Aim of the task: All lines before the one containing "# Units and contexts", plus that line itself, are to be printed exactly as they appear below.

Records from a dataset:
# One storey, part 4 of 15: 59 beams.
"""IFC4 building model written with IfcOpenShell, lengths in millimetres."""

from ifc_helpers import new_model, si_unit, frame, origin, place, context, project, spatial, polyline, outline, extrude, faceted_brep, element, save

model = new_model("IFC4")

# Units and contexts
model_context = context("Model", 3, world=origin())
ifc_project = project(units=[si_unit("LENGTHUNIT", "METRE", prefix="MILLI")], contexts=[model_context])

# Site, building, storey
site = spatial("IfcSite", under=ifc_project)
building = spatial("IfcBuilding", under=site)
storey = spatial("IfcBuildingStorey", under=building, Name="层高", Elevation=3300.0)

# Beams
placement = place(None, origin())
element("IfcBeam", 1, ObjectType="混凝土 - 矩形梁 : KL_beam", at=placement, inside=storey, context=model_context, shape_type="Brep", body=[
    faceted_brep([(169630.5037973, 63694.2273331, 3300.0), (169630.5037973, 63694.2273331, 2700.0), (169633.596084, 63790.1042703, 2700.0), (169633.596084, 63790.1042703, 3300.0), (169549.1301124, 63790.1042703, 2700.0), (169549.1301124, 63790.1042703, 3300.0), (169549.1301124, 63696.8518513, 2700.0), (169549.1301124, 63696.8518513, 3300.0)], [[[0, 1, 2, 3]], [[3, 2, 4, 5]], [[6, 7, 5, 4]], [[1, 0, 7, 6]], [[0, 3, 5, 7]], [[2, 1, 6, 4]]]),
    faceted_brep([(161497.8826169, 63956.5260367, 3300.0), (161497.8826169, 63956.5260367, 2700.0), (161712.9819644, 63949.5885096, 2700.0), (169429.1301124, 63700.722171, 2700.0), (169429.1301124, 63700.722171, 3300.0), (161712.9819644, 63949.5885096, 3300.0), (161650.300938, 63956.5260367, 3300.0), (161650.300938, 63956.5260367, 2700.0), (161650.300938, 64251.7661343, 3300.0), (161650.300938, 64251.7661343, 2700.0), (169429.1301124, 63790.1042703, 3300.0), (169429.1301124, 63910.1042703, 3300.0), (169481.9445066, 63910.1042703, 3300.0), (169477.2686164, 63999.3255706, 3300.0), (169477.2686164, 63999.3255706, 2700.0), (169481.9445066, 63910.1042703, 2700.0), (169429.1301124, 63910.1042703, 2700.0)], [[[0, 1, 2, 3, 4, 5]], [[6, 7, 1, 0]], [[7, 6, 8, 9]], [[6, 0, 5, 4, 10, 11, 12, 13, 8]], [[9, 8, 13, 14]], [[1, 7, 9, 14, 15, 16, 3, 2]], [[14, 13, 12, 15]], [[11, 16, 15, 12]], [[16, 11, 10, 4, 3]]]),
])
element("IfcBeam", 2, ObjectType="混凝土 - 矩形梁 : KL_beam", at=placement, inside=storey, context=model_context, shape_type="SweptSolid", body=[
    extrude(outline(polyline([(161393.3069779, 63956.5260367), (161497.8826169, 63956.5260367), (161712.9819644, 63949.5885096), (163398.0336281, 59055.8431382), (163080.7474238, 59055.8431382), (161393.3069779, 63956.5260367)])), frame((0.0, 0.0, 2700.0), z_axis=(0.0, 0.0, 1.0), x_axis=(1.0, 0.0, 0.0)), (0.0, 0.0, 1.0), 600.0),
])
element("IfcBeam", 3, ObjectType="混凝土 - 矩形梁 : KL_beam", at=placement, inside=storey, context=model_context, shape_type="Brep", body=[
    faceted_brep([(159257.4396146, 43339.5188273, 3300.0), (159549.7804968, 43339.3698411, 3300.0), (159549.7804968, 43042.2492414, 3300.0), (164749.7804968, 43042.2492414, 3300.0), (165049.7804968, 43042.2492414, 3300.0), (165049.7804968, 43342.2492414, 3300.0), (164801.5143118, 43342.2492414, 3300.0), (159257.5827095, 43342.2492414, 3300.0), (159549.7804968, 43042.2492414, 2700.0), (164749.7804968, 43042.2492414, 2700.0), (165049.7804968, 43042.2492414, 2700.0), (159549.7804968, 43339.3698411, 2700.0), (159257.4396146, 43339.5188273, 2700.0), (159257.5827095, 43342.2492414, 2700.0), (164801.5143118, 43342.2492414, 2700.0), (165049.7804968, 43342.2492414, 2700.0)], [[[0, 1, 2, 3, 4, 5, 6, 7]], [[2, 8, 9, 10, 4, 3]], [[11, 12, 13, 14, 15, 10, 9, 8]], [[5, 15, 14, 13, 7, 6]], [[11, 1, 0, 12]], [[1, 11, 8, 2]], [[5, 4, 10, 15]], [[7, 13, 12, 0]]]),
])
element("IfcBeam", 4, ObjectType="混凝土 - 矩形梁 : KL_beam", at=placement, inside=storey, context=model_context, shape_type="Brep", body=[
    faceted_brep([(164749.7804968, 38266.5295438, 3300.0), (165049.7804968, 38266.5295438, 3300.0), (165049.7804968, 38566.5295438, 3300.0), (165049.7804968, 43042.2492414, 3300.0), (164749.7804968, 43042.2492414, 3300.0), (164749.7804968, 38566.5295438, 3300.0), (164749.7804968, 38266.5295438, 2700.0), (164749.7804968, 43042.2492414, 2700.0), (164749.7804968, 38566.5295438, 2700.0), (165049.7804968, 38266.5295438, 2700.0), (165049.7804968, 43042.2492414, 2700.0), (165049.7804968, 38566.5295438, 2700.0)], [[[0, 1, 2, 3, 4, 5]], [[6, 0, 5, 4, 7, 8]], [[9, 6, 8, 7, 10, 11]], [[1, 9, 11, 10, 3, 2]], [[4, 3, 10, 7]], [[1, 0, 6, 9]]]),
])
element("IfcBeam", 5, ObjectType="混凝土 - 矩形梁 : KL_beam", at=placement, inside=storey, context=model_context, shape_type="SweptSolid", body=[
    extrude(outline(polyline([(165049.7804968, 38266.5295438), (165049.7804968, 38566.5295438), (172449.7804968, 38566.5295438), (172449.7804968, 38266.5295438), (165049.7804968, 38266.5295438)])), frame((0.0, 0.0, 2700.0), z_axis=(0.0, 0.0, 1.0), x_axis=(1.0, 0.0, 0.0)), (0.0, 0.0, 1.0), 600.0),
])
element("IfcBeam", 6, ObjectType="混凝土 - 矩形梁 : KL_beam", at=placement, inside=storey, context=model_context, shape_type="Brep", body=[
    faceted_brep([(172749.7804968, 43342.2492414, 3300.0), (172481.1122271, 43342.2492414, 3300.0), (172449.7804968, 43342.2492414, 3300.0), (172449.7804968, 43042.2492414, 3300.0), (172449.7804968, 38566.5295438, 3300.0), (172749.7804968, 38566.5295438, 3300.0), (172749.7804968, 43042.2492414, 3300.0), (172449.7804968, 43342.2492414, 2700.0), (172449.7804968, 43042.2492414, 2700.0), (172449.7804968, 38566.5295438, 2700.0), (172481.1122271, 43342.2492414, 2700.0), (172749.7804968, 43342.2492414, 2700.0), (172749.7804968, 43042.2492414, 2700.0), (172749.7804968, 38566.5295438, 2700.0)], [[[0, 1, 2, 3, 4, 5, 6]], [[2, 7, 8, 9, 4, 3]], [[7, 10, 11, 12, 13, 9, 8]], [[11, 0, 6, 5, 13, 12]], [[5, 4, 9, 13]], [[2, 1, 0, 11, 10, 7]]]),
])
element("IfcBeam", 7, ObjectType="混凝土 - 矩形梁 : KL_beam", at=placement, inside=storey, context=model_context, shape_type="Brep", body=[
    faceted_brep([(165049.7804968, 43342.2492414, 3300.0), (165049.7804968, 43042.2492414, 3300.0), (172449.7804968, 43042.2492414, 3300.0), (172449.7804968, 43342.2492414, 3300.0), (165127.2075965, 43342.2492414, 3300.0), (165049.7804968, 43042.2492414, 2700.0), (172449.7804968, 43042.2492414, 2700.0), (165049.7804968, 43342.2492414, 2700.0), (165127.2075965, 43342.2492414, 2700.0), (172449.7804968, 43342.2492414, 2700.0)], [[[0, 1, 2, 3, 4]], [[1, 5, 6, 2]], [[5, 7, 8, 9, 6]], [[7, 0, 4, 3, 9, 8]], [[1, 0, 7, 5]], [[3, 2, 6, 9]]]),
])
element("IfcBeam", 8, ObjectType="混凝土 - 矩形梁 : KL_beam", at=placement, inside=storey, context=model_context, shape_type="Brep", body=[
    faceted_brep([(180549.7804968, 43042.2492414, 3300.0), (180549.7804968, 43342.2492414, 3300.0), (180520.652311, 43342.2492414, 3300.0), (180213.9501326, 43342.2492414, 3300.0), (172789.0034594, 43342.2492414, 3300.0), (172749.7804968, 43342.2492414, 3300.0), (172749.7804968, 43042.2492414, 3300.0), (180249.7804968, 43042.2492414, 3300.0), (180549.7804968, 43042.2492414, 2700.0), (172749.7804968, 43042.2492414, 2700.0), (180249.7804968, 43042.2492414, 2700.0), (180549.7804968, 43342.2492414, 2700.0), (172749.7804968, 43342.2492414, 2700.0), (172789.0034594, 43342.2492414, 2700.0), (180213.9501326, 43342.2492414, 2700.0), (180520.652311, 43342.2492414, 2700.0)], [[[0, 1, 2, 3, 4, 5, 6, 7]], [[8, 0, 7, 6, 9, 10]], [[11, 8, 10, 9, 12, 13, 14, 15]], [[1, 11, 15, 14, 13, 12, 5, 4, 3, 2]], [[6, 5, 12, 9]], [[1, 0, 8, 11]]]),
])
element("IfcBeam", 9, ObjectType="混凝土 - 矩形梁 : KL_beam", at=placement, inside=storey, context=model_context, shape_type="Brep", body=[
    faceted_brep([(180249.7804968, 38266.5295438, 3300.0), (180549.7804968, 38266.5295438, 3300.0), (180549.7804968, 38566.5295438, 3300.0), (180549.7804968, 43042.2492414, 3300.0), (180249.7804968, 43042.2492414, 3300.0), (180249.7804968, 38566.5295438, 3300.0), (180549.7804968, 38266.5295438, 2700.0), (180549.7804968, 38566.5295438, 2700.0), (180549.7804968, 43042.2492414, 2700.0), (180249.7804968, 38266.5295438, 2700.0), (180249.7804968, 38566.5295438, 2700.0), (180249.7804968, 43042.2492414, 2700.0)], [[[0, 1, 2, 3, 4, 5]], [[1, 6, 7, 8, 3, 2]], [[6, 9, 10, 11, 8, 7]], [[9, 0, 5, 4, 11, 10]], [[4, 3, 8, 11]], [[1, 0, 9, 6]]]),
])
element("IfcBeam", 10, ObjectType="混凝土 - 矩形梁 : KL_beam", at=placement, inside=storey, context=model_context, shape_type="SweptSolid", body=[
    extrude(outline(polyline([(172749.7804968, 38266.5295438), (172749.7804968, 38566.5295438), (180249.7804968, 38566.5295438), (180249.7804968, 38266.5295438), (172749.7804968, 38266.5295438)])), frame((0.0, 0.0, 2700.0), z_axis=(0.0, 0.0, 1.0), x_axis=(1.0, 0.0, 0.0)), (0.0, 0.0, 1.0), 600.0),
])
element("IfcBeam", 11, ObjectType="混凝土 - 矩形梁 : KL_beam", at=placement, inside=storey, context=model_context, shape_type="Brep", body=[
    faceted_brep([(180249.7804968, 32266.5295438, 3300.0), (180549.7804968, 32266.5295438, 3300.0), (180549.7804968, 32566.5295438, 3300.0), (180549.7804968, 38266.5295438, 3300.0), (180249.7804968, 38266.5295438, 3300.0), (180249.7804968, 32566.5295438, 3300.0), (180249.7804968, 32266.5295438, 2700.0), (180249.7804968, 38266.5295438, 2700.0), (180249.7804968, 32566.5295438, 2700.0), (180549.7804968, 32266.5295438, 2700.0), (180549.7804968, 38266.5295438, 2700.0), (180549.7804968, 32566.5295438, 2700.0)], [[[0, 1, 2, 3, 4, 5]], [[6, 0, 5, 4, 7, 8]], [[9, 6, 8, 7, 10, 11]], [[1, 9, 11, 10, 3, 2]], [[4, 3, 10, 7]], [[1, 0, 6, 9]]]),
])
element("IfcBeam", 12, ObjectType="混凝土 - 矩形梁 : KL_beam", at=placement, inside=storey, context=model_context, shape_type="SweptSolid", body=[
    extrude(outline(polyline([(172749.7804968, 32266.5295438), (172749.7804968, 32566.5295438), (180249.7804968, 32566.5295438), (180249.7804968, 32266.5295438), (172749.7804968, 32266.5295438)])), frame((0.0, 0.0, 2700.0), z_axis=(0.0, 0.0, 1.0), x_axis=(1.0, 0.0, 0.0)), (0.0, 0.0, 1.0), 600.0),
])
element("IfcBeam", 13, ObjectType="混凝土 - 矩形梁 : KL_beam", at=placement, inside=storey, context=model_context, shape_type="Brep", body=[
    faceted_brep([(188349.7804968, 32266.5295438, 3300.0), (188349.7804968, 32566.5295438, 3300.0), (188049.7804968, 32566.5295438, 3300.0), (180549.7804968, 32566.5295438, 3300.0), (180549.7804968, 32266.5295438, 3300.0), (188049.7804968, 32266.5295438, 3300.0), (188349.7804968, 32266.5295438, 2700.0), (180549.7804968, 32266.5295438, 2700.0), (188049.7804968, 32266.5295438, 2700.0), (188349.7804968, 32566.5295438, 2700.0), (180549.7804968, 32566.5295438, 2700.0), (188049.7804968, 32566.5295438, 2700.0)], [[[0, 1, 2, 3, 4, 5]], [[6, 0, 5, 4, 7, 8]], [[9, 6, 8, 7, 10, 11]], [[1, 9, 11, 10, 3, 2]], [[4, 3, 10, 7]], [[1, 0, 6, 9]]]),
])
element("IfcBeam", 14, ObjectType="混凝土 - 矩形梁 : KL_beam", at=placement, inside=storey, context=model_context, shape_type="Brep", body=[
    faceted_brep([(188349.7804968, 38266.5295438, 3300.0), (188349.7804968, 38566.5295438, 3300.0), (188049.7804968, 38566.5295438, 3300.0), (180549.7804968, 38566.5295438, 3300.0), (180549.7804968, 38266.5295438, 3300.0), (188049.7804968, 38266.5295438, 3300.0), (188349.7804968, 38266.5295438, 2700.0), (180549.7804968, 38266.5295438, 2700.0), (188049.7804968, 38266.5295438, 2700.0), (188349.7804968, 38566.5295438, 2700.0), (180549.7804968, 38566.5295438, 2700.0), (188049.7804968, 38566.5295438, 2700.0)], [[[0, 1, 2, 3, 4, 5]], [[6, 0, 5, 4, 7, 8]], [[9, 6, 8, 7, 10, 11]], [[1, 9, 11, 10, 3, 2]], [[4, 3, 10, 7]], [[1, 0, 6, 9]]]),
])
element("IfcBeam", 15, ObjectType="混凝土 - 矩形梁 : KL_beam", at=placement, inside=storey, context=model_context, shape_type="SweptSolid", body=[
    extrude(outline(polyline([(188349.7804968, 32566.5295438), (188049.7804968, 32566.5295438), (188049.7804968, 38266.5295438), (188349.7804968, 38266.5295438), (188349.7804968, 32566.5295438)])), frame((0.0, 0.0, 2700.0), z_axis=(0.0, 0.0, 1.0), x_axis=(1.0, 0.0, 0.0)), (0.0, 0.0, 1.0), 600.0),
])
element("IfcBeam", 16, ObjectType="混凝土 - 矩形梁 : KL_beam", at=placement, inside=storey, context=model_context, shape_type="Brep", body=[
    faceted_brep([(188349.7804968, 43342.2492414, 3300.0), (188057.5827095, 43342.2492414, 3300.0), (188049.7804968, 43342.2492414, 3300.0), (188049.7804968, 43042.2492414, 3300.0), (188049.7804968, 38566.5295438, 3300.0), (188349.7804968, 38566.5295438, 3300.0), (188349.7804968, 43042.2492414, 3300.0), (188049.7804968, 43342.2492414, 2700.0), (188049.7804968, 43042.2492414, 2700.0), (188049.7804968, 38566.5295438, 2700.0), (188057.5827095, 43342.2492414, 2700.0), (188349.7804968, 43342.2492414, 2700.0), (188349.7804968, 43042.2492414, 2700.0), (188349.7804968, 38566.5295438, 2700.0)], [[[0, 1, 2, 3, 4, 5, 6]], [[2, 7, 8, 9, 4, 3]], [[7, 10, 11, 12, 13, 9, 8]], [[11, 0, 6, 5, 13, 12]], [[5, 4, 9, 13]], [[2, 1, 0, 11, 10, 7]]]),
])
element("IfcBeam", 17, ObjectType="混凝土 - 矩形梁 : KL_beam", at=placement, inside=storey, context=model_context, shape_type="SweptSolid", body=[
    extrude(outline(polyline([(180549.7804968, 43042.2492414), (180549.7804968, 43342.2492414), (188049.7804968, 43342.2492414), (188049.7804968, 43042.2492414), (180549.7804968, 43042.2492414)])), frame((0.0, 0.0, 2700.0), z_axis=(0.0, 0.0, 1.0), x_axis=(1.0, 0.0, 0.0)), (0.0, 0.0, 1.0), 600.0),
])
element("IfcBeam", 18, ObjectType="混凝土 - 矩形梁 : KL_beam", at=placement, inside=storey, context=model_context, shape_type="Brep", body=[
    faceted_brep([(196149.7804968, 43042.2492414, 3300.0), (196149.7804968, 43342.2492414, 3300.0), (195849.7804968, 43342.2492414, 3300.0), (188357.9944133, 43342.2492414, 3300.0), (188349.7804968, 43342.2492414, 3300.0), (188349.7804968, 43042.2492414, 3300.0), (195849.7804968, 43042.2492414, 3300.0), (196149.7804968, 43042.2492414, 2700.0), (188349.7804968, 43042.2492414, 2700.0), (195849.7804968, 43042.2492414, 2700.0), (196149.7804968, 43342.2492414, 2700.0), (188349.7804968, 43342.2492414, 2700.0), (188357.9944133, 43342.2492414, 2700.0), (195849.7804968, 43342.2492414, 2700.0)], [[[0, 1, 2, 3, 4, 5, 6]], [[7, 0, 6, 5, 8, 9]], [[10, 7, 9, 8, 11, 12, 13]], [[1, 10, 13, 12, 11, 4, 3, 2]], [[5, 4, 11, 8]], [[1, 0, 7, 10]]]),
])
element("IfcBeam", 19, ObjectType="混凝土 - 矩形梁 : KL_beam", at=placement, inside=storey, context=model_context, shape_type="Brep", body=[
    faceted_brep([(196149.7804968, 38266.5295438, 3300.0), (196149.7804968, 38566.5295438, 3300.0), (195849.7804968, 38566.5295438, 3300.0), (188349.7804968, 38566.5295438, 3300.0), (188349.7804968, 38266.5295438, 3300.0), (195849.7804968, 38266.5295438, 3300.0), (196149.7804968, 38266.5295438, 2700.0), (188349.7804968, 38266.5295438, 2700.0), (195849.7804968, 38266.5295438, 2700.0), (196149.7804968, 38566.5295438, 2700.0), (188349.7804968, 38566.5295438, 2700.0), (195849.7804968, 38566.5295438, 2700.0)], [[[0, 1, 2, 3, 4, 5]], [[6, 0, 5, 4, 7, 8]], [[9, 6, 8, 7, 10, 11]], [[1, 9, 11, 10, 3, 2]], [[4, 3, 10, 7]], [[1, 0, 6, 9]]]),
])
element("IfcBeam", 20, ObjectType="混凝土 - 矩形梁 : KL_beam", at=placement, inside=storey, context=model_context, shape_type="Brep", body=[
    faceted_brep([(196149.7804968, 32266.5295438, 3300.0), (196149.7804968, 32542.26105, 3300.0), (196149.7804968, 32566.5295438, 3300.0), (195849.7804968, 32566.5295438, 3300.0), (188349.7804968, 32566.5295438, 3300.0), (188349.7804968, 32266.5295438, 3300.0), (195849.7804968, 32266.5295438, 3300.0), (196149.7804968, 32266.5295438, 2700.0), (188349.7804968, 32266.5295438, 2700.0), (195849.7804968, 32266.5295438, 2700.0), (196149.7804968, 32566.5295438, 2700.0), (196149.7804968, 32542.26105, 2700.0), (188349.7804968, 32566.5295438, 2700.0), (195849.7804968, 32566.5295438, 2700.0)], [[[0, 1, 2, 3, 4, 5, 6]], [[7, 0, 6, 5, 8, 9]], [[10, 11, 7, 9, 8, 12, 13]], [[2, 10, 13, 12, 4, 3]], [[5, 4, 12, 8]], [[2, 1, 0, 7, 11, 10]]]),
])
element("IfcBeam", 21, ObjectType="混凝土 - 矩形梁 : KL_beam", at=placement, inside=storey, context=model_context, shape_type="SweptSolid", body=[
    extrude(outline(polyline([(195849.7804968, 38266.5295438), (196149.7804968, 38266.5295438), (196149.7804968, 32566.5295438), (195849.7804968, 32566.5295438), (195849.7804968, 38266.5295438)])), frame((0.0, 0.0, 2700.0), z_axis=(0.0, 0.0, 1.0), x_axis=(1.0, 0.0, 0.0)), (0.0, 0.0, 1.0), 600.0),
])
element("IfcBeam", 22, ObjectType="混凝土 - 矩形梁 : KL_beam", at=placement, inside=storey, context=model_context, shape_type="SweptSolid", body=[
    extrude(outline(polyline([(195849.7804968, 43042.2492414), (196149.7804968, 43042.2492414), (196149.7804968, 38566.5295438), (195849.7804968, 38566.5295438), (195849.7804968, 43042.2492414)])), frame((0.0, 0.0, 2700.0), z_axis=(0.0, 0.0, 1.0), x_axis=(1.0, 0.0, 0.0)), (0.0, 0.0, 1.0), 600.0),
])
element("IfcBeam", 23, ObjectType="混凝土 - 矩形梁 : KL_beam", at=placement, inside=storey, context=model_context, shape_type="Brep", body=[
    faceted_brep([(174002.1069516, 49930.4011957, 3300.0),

The answer:
# One storey, part 4 of 15: 59 beams.
"""IFC4 building model written with IfcOpenShell, lengths in millimetres."""

from ifc_helpers import new_model, si_unit, frame, origin, place, context, project, spatial, polyline, outline, extrude, faceted_brep, element, save

model = new_model("IFC4")

# Units and contexts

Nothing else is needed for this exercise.